Embedded Challenges
There's a lot of different types of embedded out there. "Embedded" can mean a full-featured Raspberry PI 4---or a tiny microcontroller. Different platforms will have differing levels of support for embedded Rust. LLVM currently bounds which platforms you can target; Rust on GCC is advancing rapidly but isn't ready for production yet.
Minimizing Binary Size
For size-constrained builds, Rust has a lot of options:
Optimize for Size
In Cargo.toml
, you can specify optimization levels by profile. Add this to the Cargo.toml
file:
[profile.release]
opt-level = "s"
Run cargo build --release
. It'll take a moment, it has to recompile every dependency and also optimize the dependency for size.
On Windows, the resulting binary is now: 510,976 bytes (499 kb). A small improvement.
There's also an optimization level named "z". Let's see if it does any better?
[profile.release]
opt-level = "z"
It weighs in at 509,440 bytes (497.5 kb). A very tiny improvement.
Strip the binary
In Cargo.toml
, let's also strip the binary of symbols.
[profile.release]
opt-level = "z"
strip = true # Automatically strip symbols
Compiling again, this reduces the binary to 508,928 (497 kb).
Enable LTO
In Cargo.toml
, let's enable link-time optimization. This optimizes across crate boundaries, at the expense of a SLOW compile.
[profile.release]
opt-level = "z"
strip = true # Automatically strip symbols
lto = true
We're down to 438,272 bytes (428 kb). Getting better!
Reduce Codegen Units
By default, Rust parallelizes builds across all of your CPUs - which can prevent some optimizations. Let's make our compilation even slower in the name of a small binary:
[profile.release]
opt-level = "z"
strip = true # Automatically strip symbols
lto = true
codegen-units = 1
You may have to run cargo clean
before building this.
Our binary is now 425,472 bytes (415 kb). Another small improvement.
Abort on Panic
A surprising amount of a Rust binary is the "panic handler". Similar to an exception handler in C++, it adds some hefty code to unwind the stack and provide detailed traces on crashes. We can turn this behavior off:
[profile.release]
opt-level = "z"
strip = true # Automatically strip symbols
lto = true
codegen-units = 1
panic = "abort"
This reduces my binary to 336,896 bytes (329 kb). That's a big improvement! The downside is that if your program panics, it won't be able to tell you all the details about how it died.

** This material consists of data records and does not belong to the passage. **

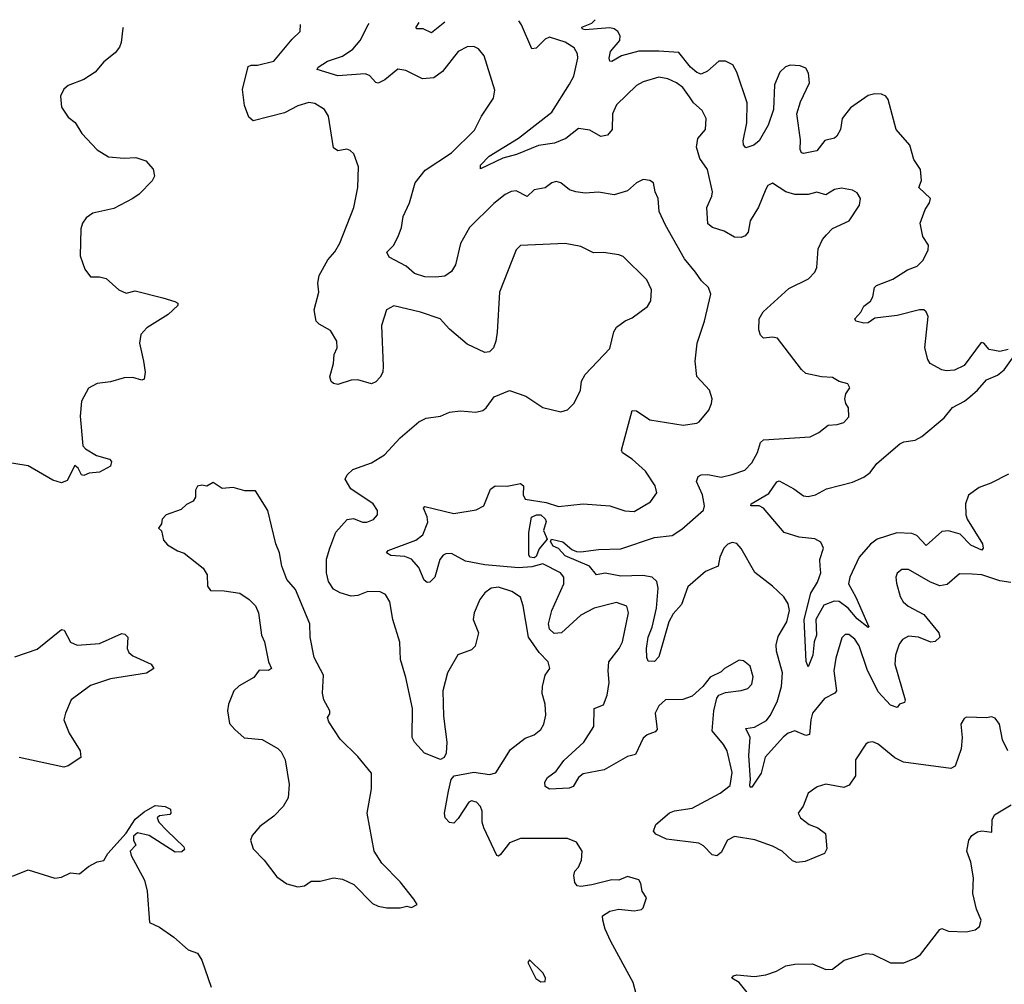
# Model space of a CAD drawing. Extents: x 2143765 to 2212931, y 878955 to 1017455.
# Tile 296 of 309: x 2170367 to 2174786, y 1012757 to 1017088. Entities that reach past the tile are written whole.
import ezdxf

# ---------------------------------------------------------------- set-up
doc = ezdxf.new("R2010")
doc.units = 0

msp = doc.modelspace()

# ---------------------------------------------------------------- linework, layer by layer
at = {"layer": '0CON20XD'}
for points in [[(2172275.3, 1017076.7), (2172215, 1017029.4), (2172176.9, 1017046.9), (2172147, 1017047), (2172146, 1017055), (2172158.9, 1017074.7)], [(2174815, 1014561.8), (2174765, 1014568.7), (2174685, 1014596), (2174641.7, 1014598.3), (2174585, 1014600.8), (2174528.5, 1014551.5), (2174496.6, 1014546.6), (2174455, 1014562.5), (2174355, 1014619.4), (2174325, 1014619.2), (2174305, 1014603.3), (2174299.2, 1014585), (2174302.3, 1014557.7), (2174317.7, 1014497.7), (2174331.2, 1014475), (2174353.8, 1014455), (2174425, 1014417.5), (2174491.4, 1014335), (2174495.8, 1014315), (2174475, 1014296.7), (2174456.1, 1014293.9), (2174401.2, 1014315), (2174355, 1014320.4), (2174329.4, 1014305), (2174313.3, 1014285), (2174296.7, 1014235), (2174294.6, 1014195), (2174340.6, 1014035), (2174337.9, 1014022.1), (2174315.7, 1014014.3), (2174305, 1014000), (2174275, 1014010), (2174219.8, 1014069.8), (2174170.7, 1014170.7), (2174135, 1014276.2), (2174115, 1014307.1), (2174088.2, 1014328.3), (2174071.6, 1014328.4), (2174057.2, 1014312.8), (2174029.1, 1014220.9), (2174021.2, 1014165), (2174032.9, 1014075), (2174025, 1014064.4), (2173979.3, 1014040.7), (2173925.4, 1013975), (2173916.8, 1013945), (2173910.9, 1013879.1), (2173895, 1013874.6), (2173845, 1013895.8), (2173815.5, 1013885), (2173795, 1013868.8), (2173712.5, 1013777.5), (2173694, 1013705), (2173652.9, 1013642.9), (2173645, 1013642), (2173643.5, 1013653.5), (2173647.1, 1013675), (2173639.5, 1013785), (2173645.4, 1013865), (2173626, 1013905), (2173665, 1013911.5), (2173717.9, 1013942.1), (2173735, 1013963.5), (2173765.7, 1014025), (2173786.4, 1014095), (2173789.6, 1014155), (2173763, 1014253), (2173761.2, 1014281.2), (2173771.1, 1014318.9), (2173810, 1014385), (2173820.9, 1014435), (2173815.6, 1014465), (2173796.4, 1014496.4), (2173745.8, 1014545), (2173665.9, 1014605.9), (2173605, 1014714), (2173585, 1014736.2), (2173565, 1014741.4), (2173545, 1014733.1), (2173526.9, 1014715), (2173509.4, 1014675), (2173502, 1014635), (2173445, 1014610.5), (2173365, 1014541.1), (2173337.6, 1014462.4), (2173300.2, 1014419.8), (2173280.8, 1014385), (2173235, 1014228), (2173215, 1014206), (2173187.3, 1014207.3), (2173180.8, 1014225), (2173179.7, 1014265), (2173188, 1014315), (2173205, 1014360), (2173224.8, 1014445.2), (2173232, 1014535), (2173226, 1014566), (2173205, 1014585.4), (2173163, 1014593), (2173065, 1014589.3), (2172995, 1014602.7), (2172955, 1014595.6), (2172923.9, 1014633.9), (2172815, 1014681.6), (2172785, 1014713.3), (2172761.5, 1014725), (2172749.2, 1014745), (2172753.3, 1014755), (2172805, 1014744.4), (2172845, 1014710), (2172865, 1014700), (2172885, 1014698.5), (2172965, 1014710), (2173065, 1014712.7), (2173215, 1014762.9), (2173295, 1014772.5), (2173338.8, 1014801.2), (2173435, 1014886), (2173440.4, 1014905), (2173430.7, 1014955), (2173403.5, 1015015), (2173412.4, 1015037.6), (2173425.6, 1015044.4), (2173454.5, 1015045.5), (2173515, 1015034.4), (2173565, 1015045.6), (2173621.2, 1015065), (2173652.1, 1015097.9), (2173678.2, 1015145), (2173690.8, 1015189.2), (2173705, 1015201.9), (2173915, 1015215.8), (2173953.3, 1015235), (2173995, 1015268), (2174035, 1015270), (2174065, 1015280), (2174088, 1015305), (2174085.8, 1015345.8), (2174073.8, 1015365), (2174070, 1015385), (2174075, 1015407.5), (2174092.5, 1015435), (2174083, 1015453), (2174045, 1015463.8), (2174015, 1015481.2), (2173965.8, 1015484.2), (2173895, 1015499.4), (2173875, 1015517.1), (2173767.5, 1015657.5), (2173745, 1015662.9), (2173705, 1015657.5), (2173690.9, 1015670.9), (2173683.9, 1015695), (2173686.2, 1015745), (2173703.6, 1015776.4), (2173818.8, 1015881.2), (2173906.2, 1015923.8), (2173935.6, 1015954.4), (2173944.2, 1015975), (2173950.3, 1016059.7), (2173969.1, 1016100.9), (2173987.8, 1016122.2), (2174015, 1016150), (2174090, 1016185), (2174135.4, 1016254.6), (2174140.6, 1016285), (2174125, 1016310.8), (2174105, 1016323.1), (2174055, 1016331.9), (2174023.8, 1016326.2), (2173985, 1016301.2), (2173945, 1016313.8), (2173905, 1016302.5), (2173845, 1016302.5), (2173804.6, 1016314.6), (2173745, 1016353.3), (2173725, 1016343.3), (2173715, 1016326.7), (2173683.1, 1016246.9), (2173644.5, 1016185.5), (2173635.5, 1016134.5), (2173622.6, 1016117.4), (2173605, 1016109.4), (2173575, 1016110.8), (2173527.8, 1016137.8), (2173476.2, 1016155), (2173455, 1016172), (2173450.6, 1016245), (2173473.5, 1016295), (2173476.2, 1016315), (2173453.5, 1016415), (2173418.5, 1016465), (2173403.9, 1016516.1), (2173410.5, 1016555), (2173444.6, 1016595), (2173446.9, 1016645), (2173429.8, 1016679.8), (2173390.5, 1016715), (2173372.1, 1016742.1), (2173343.4, 1016783.4), (2173314.7, 1016804.7), (2173275, 1016822.3), (2173235, 1016830), (2173165, 1016808.5), (2173135, 1016793.1), (2173045.6, 1016705), (2173026.7, 1016665), (2173026.4, 1016595), (2173005, 1016570), (2172975, 1016562.9), (2172925, 1016591.9), (2172875, 1016599.2), (2172818.1, 1016555), (2172766.7, 1016533.3), (2172695, 1016523.3), (2172596.9, 1016483.1), (2172535, 1016466.2), (2172435, 1016418.8), (2172434.5, 1016435), (2172473.8, 1016475), (2172605, 1016556), (2172755, 1016672.2), (2172835, 1016798.1), (2172853.6, 1016835), (2172871.5, 1016915), (2172870.6, 1016935), (2172855, 1016961.4), (2172815, 1016986.4), (2172745, 1017009.4), (2172725, 1017000.8), (2172685, 1016959.4), (2172665, 1016957.5), (2172618.8, 1017065), (2172607.3, 1017082.2)], [(2174802.2, 1015607.8), (2174765, 1015598.5), (2174717.4, 1015607.4), (2174693.3, 1015635), (2174681.2, 1015638.8), (2174605, 1015535.8), (2174562.5, 1015515), (2174525, 1015511.4), (2174505, 1015516.2), (2174453.3, 1015545), (2174441.7, 1015561.7), (2174429.6, 1015615), (2174444.4, 1015755), (2174435, 1015776.9), (2174424.6, 1015784.6), (2174405, 1015785.9), (2174305, 1015760.5), (2174205, 1015747.8), (2174175, 1015726.7), (2174155, 1015725.5), (2174118.8, 1015735), (2174114.3, 1015745), (2174142.2, 1015775), (2174155, 1015802.5), (2174185.4, 1015824.6), (2174196.3, 1015843.7), (2174203.3, 1015885), (2174212, 1015895), (2174285, 1015923.5), (2174351.2, 1015965), (2174395, 1015981.4), (2174421.7, 1016008.3), (2174444.2, 1016055), (2174445.7, 1016075), (2174420, 1016115), (2174408.1, 1016175), (2174430.8, 1016235), (2174450, 1016265), (2174454, 1016285), (2174402.5, 1016335), (2174414.3, 1016365.7), (2174409.2, 1016415), (2174380, 1016460), (2174361.1, 1016525), (2174300.3, 1016595), (2174265, 1016728.9), (2174253.9, 1016743.9), (2174235, 1016752.8), (2174205, 1016754.6), (2174175, 1016747.5), (2174095, 1016692.5), (2174057.8, 1016645), (2174050, 1016595), (2174034.6, 1016565.4), (2174023.7, 1016556.3), (2173980.8, 1016545), (2173945, 1016498.5), (2173885, 1016487.8), (2173875, 1016490.8), (2173869.1, 1016505), (2173871.7, 1016548.3), (2173854.7, 1016664.7), (2173870.7, 1016719.3), (2173910.7, 1016805), (2173907.6, 1016847.6), (2173895, 1016870), (2173870.2, 1016880.2), (2173825, 1016884.4), (2173803.9, 1016876.1), (2173778.1, 1016851.9), (2173754.3, 1016795.7), (2173749.7, 1016685), (2173725.9, 1016615), (2173685, 1016544.3), (2173661.2, 1016525), (2173625, 1016513.3), (2173615.8, 1016525.8), (2173613.6, 1016543.6), (2173630.4, 1016625), (2173631.2, 1016715), (2173585, 1016852.5), (2173567.9, 1016885), (2173535, 1016902.2), (2173505, 1016901.1), (2173453.7, 1016856.3), (2173425, 1016843.3), (2173405, 1016851.2), (2173376.9, 1016875), (2173325, 1016940.7), (2173235, 1016947.3), (2173145, 1016946.6), (2173067.5, 1016925), (2173025, 1016900.4), (2173015, 1016901.9), (2173011.9, 1016915), (2173019, 1016945), (2173059.5, 1016995), (2173061.9, 1017015), (2173051.5, 1017035), (2173035, 1017047.2), (2173015, 1017051.2), (2172905, 1017042.9), (2172892.5, 1017045), (2172890, 1017055), (2172935, 1017072.9), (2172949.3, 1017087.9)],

Heavy Measures: Optimize the Standard Library for Size
If you don't have nightly
installed, you will need it:
rustup toolchain install nightly
rustup component add rust-src --toolchain nightly
Then find out your current build target:
rustc -vV
And use that target to issue a build that includes the standard library:
cargo +nightly build -Z build-std=std,panic_abort -Z build-std-features=panic_immediate_abort --target x86_64-apple-darwin --release
The binary goes into target/(platform)/release
. There's a pretty substantial size improvement: 177,152 bytes (173 kb)
That's about as small as it gets without using a different standard library. Let's see what we can do about the dependencies.
Using Cargo Bloat
Install a tool, cargo install cargo-bloat
. And run cargo bloat
to see exactly where your binary size is going.
Building Without the Standard Library
If you are on a platform without standard library support (or for really small builds), you can combine these steps with adding #[no_std]
to your binary. You can still opt-in to parts of the library with core::
---depending upon what is available. This can also be useful for WASM builds in the browser. You can also use extern crate alloc
to opt-in to a Rust-provided allocator:
#![allow(unused)] #![no_std] fn main() { extern crate alloc; }
This allows you to use Vec
and similar in your code. You don't have the full standard library, but it's a pretty pleasant environment.
Using a Different Allocator
Rust defaults to using your platform's allocator. It used to use jemallocator
, but that didn't work properly on all platforms. Jem is amazing---it offers memory usage profiling, a pool-based system that minimizes the penalty for reallocation, and can improve the performance of real-time sytems significantly. The LibreQoS project adopted it for real-time packet analysis, and saw runtime performance improvements up to 15%.
To opt-in to jemalloc
, add the following to Cargo.toml
:
[target.'cfg(any(target_arch = "x86", target_arch = "x86_64"))'.dependencies]
jemallocator = "0.5"
And add this to your main.rs
file (outside of any functions):
#![allow(unused)] fn main() { // Use JemAllocator only on supported platforms #[cfg(any(target_arch = "x86", target_arch = "x86_64"))] use jemallocator::Jemalloc; #[cfg(any(target_arch = "x86", target_arch = "x86_64"))] #[global_allocator] static GLOBAL: Jemalloc = Jemalloc; }
The rest of the Rust system will pickup on these changes and use Jem. There are quite a few other allocation systems available.